◆ RECORDS FOR THE EXERCISE ◆

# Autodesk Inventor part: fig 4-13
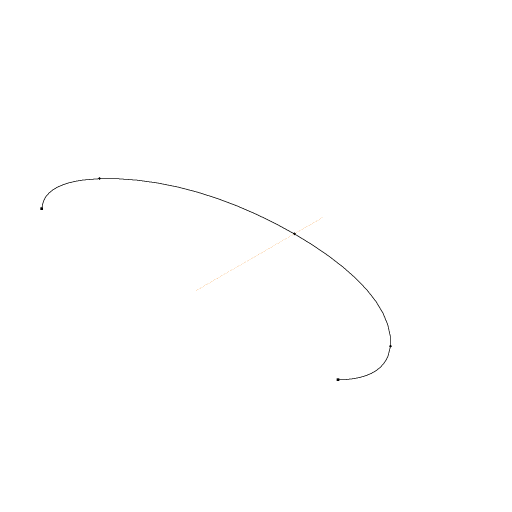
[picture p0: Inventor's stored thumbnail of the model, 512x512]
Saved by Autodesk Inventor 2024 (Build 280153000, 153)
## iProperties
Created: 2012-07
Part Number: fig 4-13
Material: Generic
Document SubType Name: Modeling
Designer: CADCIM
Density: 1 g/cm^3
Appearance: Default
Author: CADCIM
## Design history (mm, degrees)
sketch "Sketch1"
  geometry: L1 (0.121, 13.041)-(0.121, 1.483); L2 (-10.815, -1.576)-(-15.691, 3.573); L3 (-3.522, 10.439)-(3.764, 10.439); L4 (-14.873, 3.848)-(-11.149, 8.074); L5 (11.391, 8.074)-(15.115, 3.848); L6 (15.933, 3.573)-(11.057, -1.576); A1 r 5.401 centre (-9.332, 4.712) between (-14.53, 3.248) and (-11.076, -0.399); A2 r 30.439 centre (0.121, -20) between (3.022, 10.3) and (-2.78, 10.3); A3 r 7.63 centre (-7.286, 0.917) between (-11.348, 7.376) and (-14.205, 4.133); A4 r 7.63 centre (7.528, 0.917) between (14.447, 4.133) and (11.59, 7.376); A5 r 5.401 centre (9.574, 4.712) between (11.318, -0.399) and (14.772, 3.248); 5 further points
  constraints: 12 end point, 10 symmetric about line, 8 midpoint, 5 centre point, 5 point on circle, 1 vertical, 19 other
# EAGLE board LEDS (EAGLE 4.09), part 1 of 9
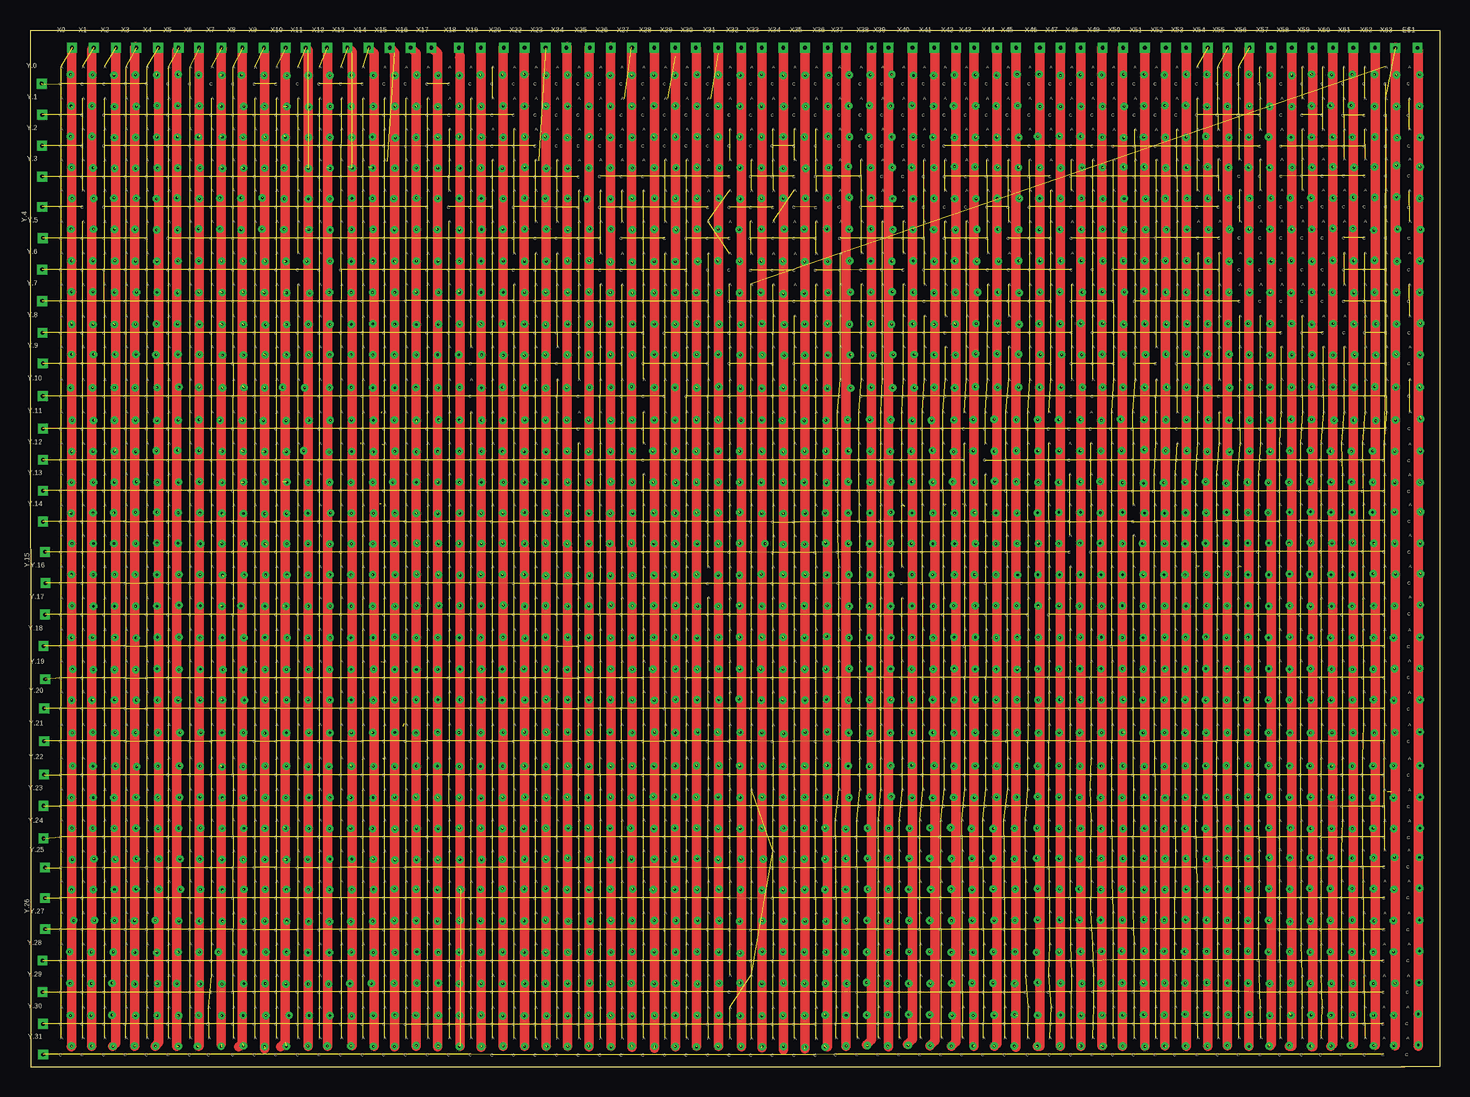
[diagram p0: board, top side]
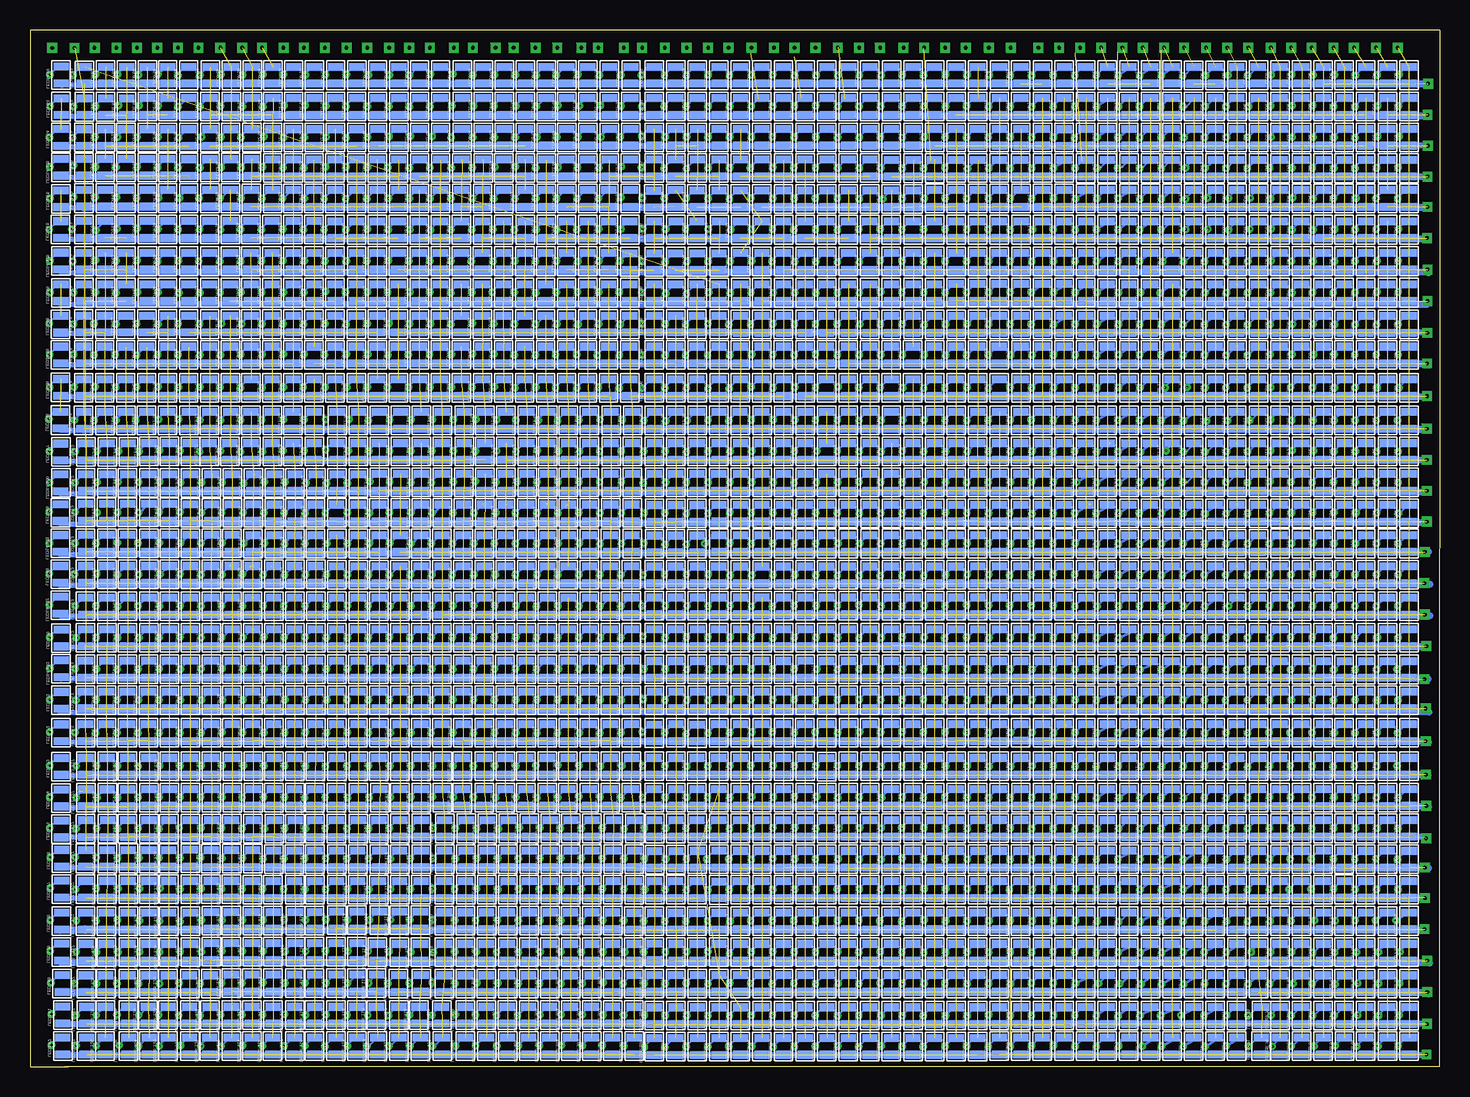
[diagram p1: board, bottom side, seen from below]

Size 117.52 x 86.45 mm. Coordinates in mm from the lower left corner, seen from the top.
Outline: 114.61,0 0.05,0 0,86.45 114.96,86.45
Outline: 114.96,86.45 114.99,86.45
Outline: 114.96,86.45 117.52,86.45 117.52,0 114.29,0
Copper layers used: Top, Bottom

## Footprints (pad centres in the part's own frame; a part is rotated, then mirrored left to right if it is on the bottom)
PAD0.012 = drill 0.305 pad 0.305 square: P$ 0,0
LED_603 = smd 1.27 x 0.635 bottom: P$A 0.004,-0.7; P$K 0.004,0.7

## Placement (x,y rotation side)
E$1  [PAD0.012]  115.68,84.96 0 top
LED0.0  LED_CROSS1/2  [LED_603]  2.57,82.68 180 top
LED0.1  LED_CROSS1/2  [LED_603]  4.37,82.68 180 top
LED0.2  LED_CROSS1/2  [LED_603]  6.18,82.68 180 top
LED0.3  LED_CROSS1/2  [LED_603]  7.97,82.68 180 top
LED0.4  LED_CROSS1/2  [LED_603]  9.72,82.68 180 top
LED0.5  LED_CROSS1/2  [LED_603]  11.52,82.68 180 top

◆ TRY IT ◆
Copy out the lines from the line containing "[diagram p1: board, bottom" to the end of the listing above, without alteration.

◆ FINISHED EXERCISE ◆
[diagram p1: board, bottom side, seen from below]

Size 117.52 x 86.45 mm. Coordinates in mm from the lower left corner, seen from the top.
Outline: 114.61,0 0.05,0 0,86.45 114.96,86.45
Outline: 114.96,86.45 114.99,86.45
Outline: 114.96,86.45 117.52,86.45 117.52,0 114.29,0
Copper layers used: Top, Bottom

## Footprints (pad centres in the part's own frame; a part is rotated, then mirrored left to right if it is on the bottom)
PAD0.012 = drill 0.305 pad 0.305 square: P$ 0,0
LED_603 = smd 1.27 x 0.635 bottom: P$A 0.004,-0.7; P$K 0.004,0.7

## Placement (x,y rotation side)
E$1  [PAD0.012]  115.68,84.96 0 top
LED0.0  LED_CROSS1/2  [LED_603]  2.57,82.68 180 top
LED0.1  LED_CROSS1/2  [LED_603]  4.37,82.68 180 top
LED0.2  LED_CROSS1/2  [LED_603]  6.18,82.68 180 top
LED0.3  LED_CROSS1/2  [LED_603]  7.97,82.68 180 top
LED0.4  LED_CROSS1/2  [LED_603]  9.72,82.68 180 top
LED0.5  LED_CROSS1/2  [LED_603]  11.52,82.68 180 top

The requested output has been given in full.